FranklyFlawless · November 13, 2024, 4:14am

Here is another quote from the latter article:

Even if an independent European privacy-first search engine is realized and Startpage migrates over to this “solution”, Big Tech can and will use technical and legal measures to prevent gratis indexing of their proprietary platforms, effectively locking projects out of usable search results unless they pay for the “privilege”.

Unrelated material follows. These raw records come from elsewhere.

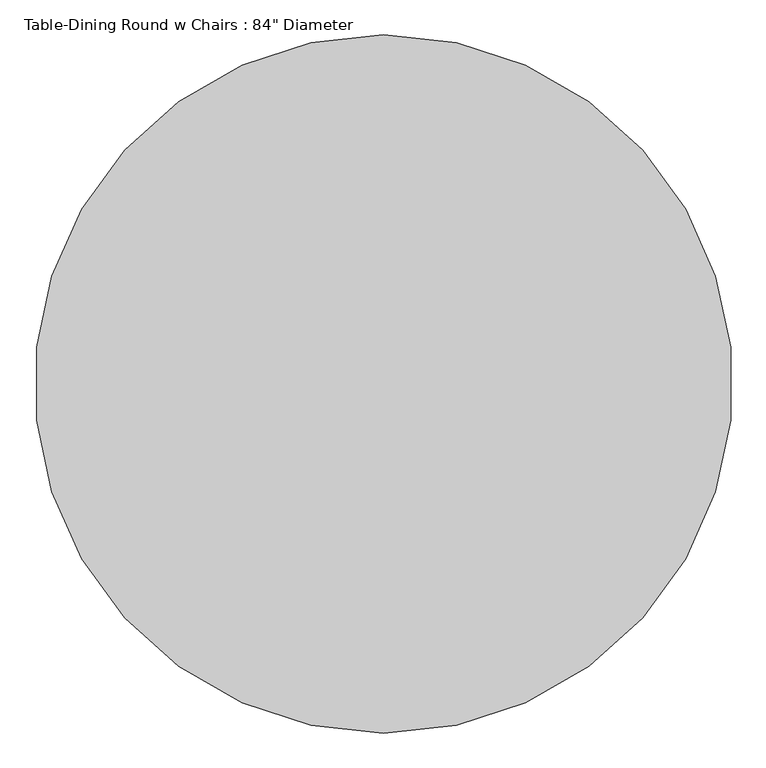
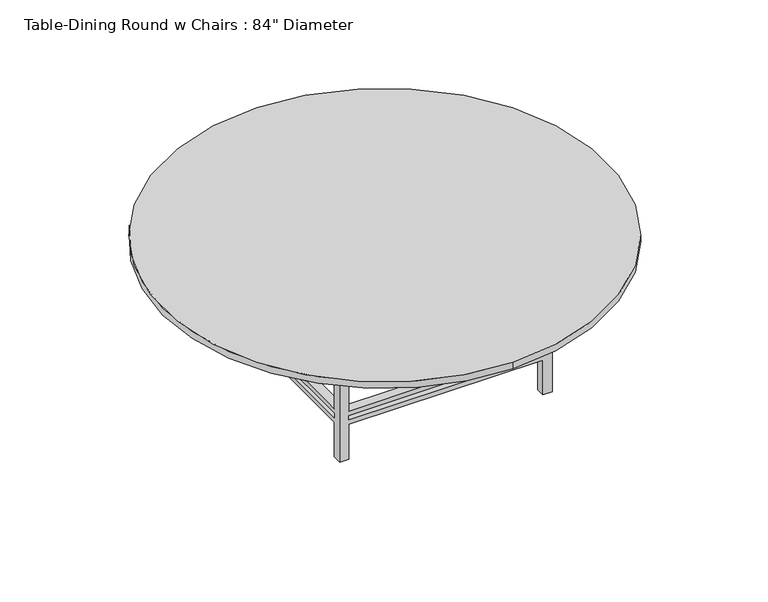
"""IFC4 building model written with IfcOpenShell, lengths in millimetres: furniture geometry."""

from ifc_helpers import new_model, si_unit, point, frame, frame_2d, origin, place, context, project, spatial, polyline, circle_curve, trimmed, segment, composite_curve, outline, extrude, faceted_brep, source, transform, mapped, element, save


def furniture_9698bf4d(model_context):
    return source(origin(), model_context, "Body", "SolidModel", [
        extrude(outline(polyline([(713.2819672, 424.7213115), (713.2819672, -794.4786885), (-505.9180328, -794.4786885), (-505.9180328, 424.7213115), (713.2819672, 424.7213115)]), holes=[polyline([(687.8819672, 399.3213115), (-480.5180328, 399.3213115), (-480.5180328, -769.0786885), (687.8819672, -769.0786885), (687.8819672, 399.3213115)])]), frame((0.0, 0.0, 647.7), z_axis=(0.0, 0.0, 1.0), x_axis=(1.0, 0.0, 0.0)), (0.0, 0.0, 1.0), 76.2),
        faceted_brep([(637.0819672, 348.5213115, 279.4), (637.0819672, -718.2786885, 279.4), (687.8819672, -718.2786885, 279.4), (687.8819672, 348.5213115, 279.4), (-429.7180328, -718.2786885, 279.4), (-429.7180328, -769.0786885, 279.4), (637.0819672, -769.0786885, 279.4), (-429.7180328, 348.5213115, 279.4), (-480.5180328, 348.5213115, 279.4), (-480.5180328, -718.2786885, 279.4), (637.0819672, 399.3213115, 279.4), (-429.7180328, 399.3213115, 279.4), (637.0819672, 348.5213115, 254.0), (-429.7180328, 348.5213115, 254.0), (-429.7180328, 399.3213115, 254.0), (637.0819672, 399.3213115, 254.0), (-429.7180328, -718.2786885, 254.0), (-480.5180328, -718.2786885, 254.0), (-480.5180328, 348.5213115, 254.0), (637.0819672, -718.2786885, 254.0), (637.0819672, -769.0786885, 254.0), (-429.7180328, -769.0786885, 254.0), (687.8819672, 348.5213115, 254.0), (687.8819672, -718.2786885, 254.0), (-480.5180328, 399.3213115, 647.7), (-429.7180328, 399.3213115, 647.7), (637.0819672, 399.3213115, 647.7), (687.8819672, 399.3213115, 647.7), (687.8819672, 399.3213115, 0.0), (637.0819672, 399.3213115, 0.0), (637.0819672, 399.3213115, 203.2), (-429.7180328, 399.3213115, 203.2), (-429.7180328, 399.3213115, 0.0), (-480.5180328, 399.3213115, 0.0), (-429.7180328, 399.3213115, 228.6), (637.0819672, 399.3213115, 228.6), (-480.5180328, 348.5213115, 647.7), (-480.5180328, 348.5213115, 0.0), (-480.5180328, 348.5213115, 203.2), (-480.5180328, -718.2786885, 203.2), (-480.5180328, -718.2786885, 0.0), (-480.5180328, -769.0786885, 0.0), (-480.5180328, -769.0786885, 647.7), (-480.5180328, -718.2786885, 647.7), (-480.5180328, -718.2786885, 228.6), (-480.5180328, 348.5213115, 228.6), (687.8819672, -769.0786885, 647.7), (637.0819672, -769.0786885, 647.7), (-429.7180328, -769.0786885, 647.7), (-429.7180328, -769.0786885, 0.0), (-429.7180328, -769.0786885, 203.2), (637.0819672, -769.0786885, 203.2), (637.0819672, -769.0786885, 0.0), (687.8819672, -769.0786885, 0.0), (637.0819672, -769.0786885, 228.6), (-429.7180328, -769.0786885, 228.6), (687.8819672, 348.5213115, 647.7), (687.8819672, -718.2786885, 647.7), (687.8819672, -718.2786885, 0.0), (687.8819672, -718.2786885, 203.2), (687.8819672, 348.5213115, 203.2), (687.8819672, 348.5213115, 0.0), (687.8819672, 348.5213115, 228.6), (687.8819672, -718.2786885, 228.6), (-429.7180328, 348.5213115, 647.7), (637.0819672, -718.2786885, 647.7), (637.0819672, 348.5213115, 647.7), (-429.7180328, -718.2786885, 647.7), (637.0819672, 348.5213115, 0.0), (-429.7180328, -718.2786885, 0.0), (-429.7180328, 348.5213115, 0.0), (637.0819672, -718.2786885, 0.0), (-429.7180328, 348.5213115, 228.6), (-429.7180328, 348.5213115, 203.2), (637.0819672, 348.5213115, 228.6), (637.0819672, 348.5213115, 203.2), (637.0819672, -718.2786885, 228.6), (637.0819672, -718.2786885, 203.2), (-429.7180328, -718.2786885, 228.6), (-429.7180328, -718.2786885, 203.2)], [[[0, 1, 2, 3]], [[1, 4, 5, 6]], [[4, 7, 8, 9]], [[7, 0, 10, 11]], [[12, 13, 14, 15]], [[13, 16, 17, 18]], [[16, 19, 20, 21]], [[19, 12, 22, 23]], [[24, 25, 11, 10, 26, 27, 28, 29, 30, 31, 32, 33], [14, 34, 35, 15]], [[36, 24, 33, 37, 38, 39, 40, 41, 42, 43, 9, 8], [17, 44, 45, 18]], [[46, 47, 6, 5, 48, 42, 41, 49, 50, 51, 52, 53], [20, 54, 55, 21]], [[28, 27, 56, 3, 2, 57, 46, 53, 58, 59, 60, 61], [22, 62, 63, 23]], [[1, 0, 12, 19]], [[4, 1, 19, 16]], [[7, 4, 16, 13]], [[0, 7, 13, 12]], [[25, 24, 36, 64]], [[47, 46, 57, 65]], [[26, 66, 56, 27]], [[48, 67, 43, 42]], [[29, 28, 61, 68]], [[49, 41, 40, 69]], [[32, 70, 37, 33]], [[52, 71, 58, 53]], [[13, 18, 45, 72]], [[64, 36, 8, 7]], [[37, 70, 73, 38]], [[14, 13, 72, 34]], [[25, 64, 7, 11]], [[70, 32, 31, 73]], [[12, 15, 35, 74]], [[66, 26, 10, 0]], [[29, 68, 75, 30]], [[22, 12, 74, 62]], [[56, 66, 0, 3]], [[68, 61, 60, 75]], [[19, 23, 63, 76]], [[65, 57, 2, 1]], [[58, 71, 77, 59]], [[20, 19, 76, 54]], [[47, 65, 1, 6]], [[71, 52, 51, 77]], [[16, 21, 55, 78]], [[67, 48, 5, 4]], [[49, 69, 79, 50]], [[17, 16, 78, 44]], [[43, 67, 4, 9]], [[69, 40, 39, 79]], [[74, 76, 63, 62]], [[76, 78, 55, 54]], [[78, 72, 45, 44]], [[72, 74, 35, 34]], [[75, 73, 31, 30]], [[73, 79, 39, 38]], [[79, 77, 51, 50]], [[77, 75, 60, 59]], [[76, 74, 75, 77]], [[78, 76, 77, 79]], [[72, 78, 79, 73]], [[74, 72, 73, 75]]]),
        extrude(outline(composite_curve([segment(trimmed(circle_curve(frame_2d((103.6819672, -184.8786885)), 1219.2), [point((103.6819672, -1404.0786885))], [point((103.6819672, 1034.3213115))], False, "CARTESIAN"), True, "CONTINUOUS"), segment(trimmed(circle_curve(frame_2d((103.6819672, -184.8786885)), 1219.2), [point((103.6819672, 1034.3213115))], [point((103.6819672, -1404.0786885))], False, "CARTESIAN"), True, "CONTINUOUS")], self_intersect=False)), frame((0.0, 0.0, 723.9), z_axis=(0.0, 0.0, 1.0), x_axis=(1.0, 0.0, 0.0)), (0.0, 0.0, 1.0), 38.1),
    ])


if __name__ == "__main__":
    model = new_model("IFC4")
    model_context = context("Model", 3, world=origin())
    ifc_project = project(units=[si_unit("LENGTHUNIT", "METRE", prefix="MILLI")], contexts=[model_context])
    site = spatial("IfcSite", under=ifc_project)
    building = spatial("IfcBuilding", under=site)
    placement = place(None, origin())
    furniture_shape = furniture_9698bf4d(model_context)
    element("IfcFurniture", 1, ObjectType="Table-Dining Round w Chairs : 84\" Diameter", at=placement, inside=building, context=model_context, shape_type="MappedRepresentation", body=[
        mapped(furniture_shape, transform((0.0, 0.0, 0.0), x_axis=(1.0, 0.0, 0.0), y_axis=(0.0, 1.0, 0.0), z_axis=(0.0, 0.0, 1.0))),
    ])
    save(model, "model.ifc")

# Revit data of these elements
# Type "Table-Dining Round w Chairs : 84\" Diameter"
#   Assembly Code = "E2020200"
#   Radius = 4' - 0"
#   Diameter = 8' - 0"
#   Height = 2' - 6"
#   Chairs = 10
#   Base Material = Pine
#   Top Material = Laminate, Linen, Matte
#   Default Elevation = 0
# Element 1 (IfcFurniture, "Table-Dining Round w Chairs : 84\" Diameter")
#   Materials on its faces: "Pine", "Laminate, Linen, Matte"
# Materials
#   "Pine": class "Wood", colour RGB 234 198 147, transparency 0, Description = "Pinus Echinata", Cost = 0
#   "Laminate, Linen, Matte": class "Plastic", colour RGB 198 189 176, transparency 0, Description = "Plastic Laminate - Linen, Matte", Cost = 0

irvinewade · November 13, 2024, 4:30am

Up to a point that is reasonable. If the information is only accessible by logging in and even then only accessible for personal use then it may be reasonable to prevent crawling or scraping. In any case, a polite web crawler should respect the “robot directives” - and a company in this position should be issuing same.

Where this would get very dodgy is if, say, a Big Tech company offers search and offers web site hosting - and they allow their crawler to crawl those web sites but they prevent any other crawlers from crawling those web sites, or by default they prevent that.

I have no problem with a social media site outright preventing all web crawling.

Then there are the free, public web sites that want to prevent scraping in order to monetise their content - but are not averse to being indexed. (That can be handled by the site owner indexing its own content and then handing the index to the crawler.)

You are right though that there are many legal stoushes and many regulatory stoushes between where we are now and any kind of comprehensive European “sovereign” search / indexing capability.